Neto disse que não sente mágoa do piloto nem da empresa LaMia, apesar da comprovação de responsabilidades na tragédia. Tem como não se revoltar com o que ocorreu? Desde que cheguei a Chapecó, escutei pouca gente falando sobre isso. Tenho a impressão de que a comunidade está mais preocupada em ver a sequência da Chapecoense como uma homenagem aos heróis que se foram do que em criticar a empresa e o piloto. Claro que haverá sanções na esfera jurídica, há famílias que sofreram muito e querem lutar por seus direitos, assim como o clube. A declaração do Neto só fortalece aquilo tudo que nós pensamos dele, porque não vai adiantar ficar botando culpa em alguém. Isso só vai fazer as pessoas que sofrerem mais ainda do que já sofreram.

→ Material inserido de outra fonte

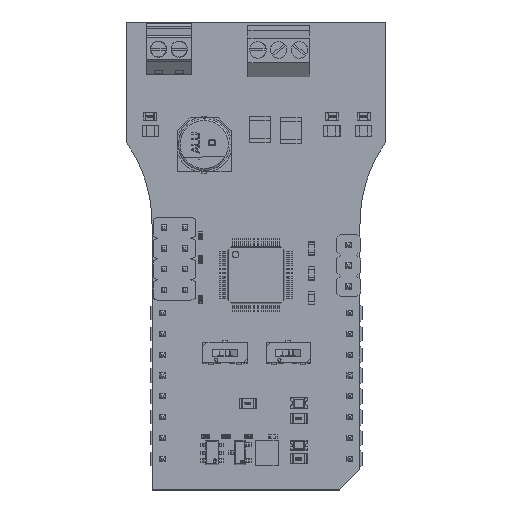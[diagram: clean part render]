
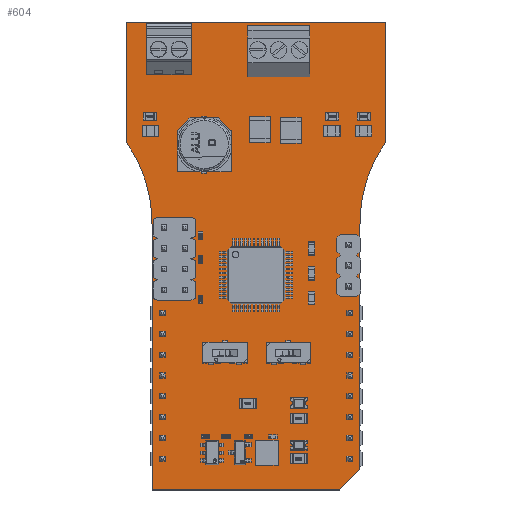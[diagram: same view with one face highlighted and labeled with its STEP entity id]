
A CAD part, top view. The second image highlights one B-rep face of the part: STEP entity #604.
In plain terms, the highlighted planar face has unit normal (0, 0, 1).
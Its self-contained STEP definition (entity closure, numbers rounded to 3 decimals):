
#311 = VERTEX_POINT('',#312);
#312 = CARTESIAN_POINT('',(-1.27,-3.81,0.));
#318 = EDGE_CURVE('',#311,#319,#321,.T.);
#319 = VERTEX_POINT('',#320);
#320 = CARTESIAN_POINT('',(-1.27,28.575,0.));
#321 = LINE('',#322,#323);
#322 = CARTESIAN_POINT('',(-1.27,-3.81,0.));
#323 = VECTOR('',#324,1.);
#324 = DIRECTION('',(0.,1.,0.));
#349 = EDGE_CURVE('',#319,#350,#352,.T.);
#350 = VERTEX_POINT('',#351);
#351 = CARTESIAN_POINT('',(-4.445,38.735,0.));
#352 = CIRCLE('',#353,16.826);
#353 = AXIS2_PLACEMENT_3D('',#354,#355,#356);
#354 = CARTESIAN_POINT('',(-18.093,28.894,0.));
#355 = DIRECTION('',(0.,0.,1.));
#356 = DIRECTION('',(1.,-0.019,0.));
#382 = EDGE_CURVE('',#350,#383,#385,.T.);
#383 = VERTEX_POINT('',#384);
#384 = CARTESIAN_POINT('',(-4.445,53.34,0.));
#385 = LINE('',#386,#387);
#386 = CARTESIAN_POINT('',(-4.445,38.735,0.));
#387 = VECTOR('',#388,1.);
#388 = DIRECTION('',(0.,1.,0.));
#413 = EDGE_CURVE('',#383,#414,#416,.T.);
#414 = VERTEX_POINT('',#415);
#415 = CARTESIAN_POINT('',(27.305,53.34,0.));
#416 = LINE('',#417,#418);
#417 = CARTESIAN_POINT('',(-4.445,53.34,0.));
#418 = VECTOR('',#419,1.);
#419 = DIRECTION('',(1.,0.,0.));
#444 = EDGE_CURVE('',#414,#445,#447,.T.);
#445 = VERTEX_POINT('',#446);
#446 = CARTESIAN_POINT('',(27.305,38.735,0.));
#447 = LINE('',#448,#449);
#448 = CARTESIAN_POINT('',(27.305,53.34,0.));
#449 = VECTOR('',#450,1.);
#450 = DIRECTION('',(0.,-1.,0.));
#475 = EDGE_CURVE('',#445,#476,#478,.T.);
#476 = VERTEX_POINT('',#477);
#477 = CARTESIAN_POINT('',(24.13,28.575,0.));
#478 = CIRCLE('',#479,16.826);
#479 = AXIS2_PLACEMENT_3D('',#480,#481,#482);
#480 = CARTESIAN_POINT('',(40.953,28.894,0.));
#481 = DIRECTION('',(0.,0.,1.));
#482 = DIRECTION('',(-0.811,0.585,0.));
#508 = EDGE_CURVE('',#476,#509,#511,.T.);
#509 = VERTEX_POINT('',#510);
#510 = CARTESIAN_POINT('',(24.13,-1.27,0.));
#511 = LINE('',#512,#513);
#512 = CARTESIAN_POINT('',(24.13,28.575,0.));
#513 = VECTOR('',#514,1.);
#514 = DIRECTION('',(0.,-1.,0.));
#539 = EDGE_CURVE('',#509,#540,#542,.T.);
#540 = VERTEX_POINT('',#541);
#541 = CARTESIAN_POINT('',(21.59,-3.81,0.));
#542 = LINE('',#543,#544);
#543 = CARTESIAN_POINT('',(24.13,-1.27,0.));
#544 = VECTOR('',#545,1.);
#545 = DIRECTION('',(-0.707,-0.707,0.));
#570 = EDGE_CURVE('',#540,#311,#571,.T.);
#571 = LINE('',#572,#573);
#572 = CARTESIAN_POINT('',(21.59,-3.81,0.));
#573 = VECTOR('',#574,1.);
#574 = DIRECTION('',(-1.,0.,0.));
#604 = ADVANCED_FACE('',(#605),#616,.F.);
#605 = FACE_BOUND('',#606,.F.);
#606 = EDGE_LOOP('',(#607,#608,#609,#610,#611,#612,#613,#614,#615));
#607 = ORIENTED_EDGE('',*,*,#318,.T.);
#608 = ORIENTED_EDGE('',*,*,#349,.T.);
#609 = ORIENTED_EDGE('',*,*,#382,.T.);
#610 = ORIENTED_EDGE('',*,*,#413,.T.);
#611 = ORIENTED_EDGE('',*,*,#444,.T.);
#612 = ORIENTED_EDGE('',*,*,#475,.T.);
#613 = ORIENTED_EDGE('',*,*,#508,.T.);
#614 = ORIENTED_EDGE('',*,*,#539,.T.);
#615 = ORIENTED_EDGE('',*,*,#570,.T.);
#616 = PLANE('',#617);
#617 = AXIS2_PLACEMENT_3D('',#618,#619,#620);
#618 = CARTESIAN_POINT('',(-1.27,-3.81,0.));
#619 = DIRECTION('',(0.,0.,-1.));
#620 = DIRECTION('',(-1.,0.,0.));

Em agosto, a Chapecoense participará do Troféu Joan Gamper, contra o Barcelona, no Camp Nou. O senhor já pensou em como parar Messi, Suárez e Neymar? Rapaz, isso vai me encher de cabelo branco a partir de julho. (risos) Mas é uma satisfação enorme para todos nós, nos permite sonhar com coisas grandes. Jogar contra estas feras todas é um sonho para todos em Chapecó.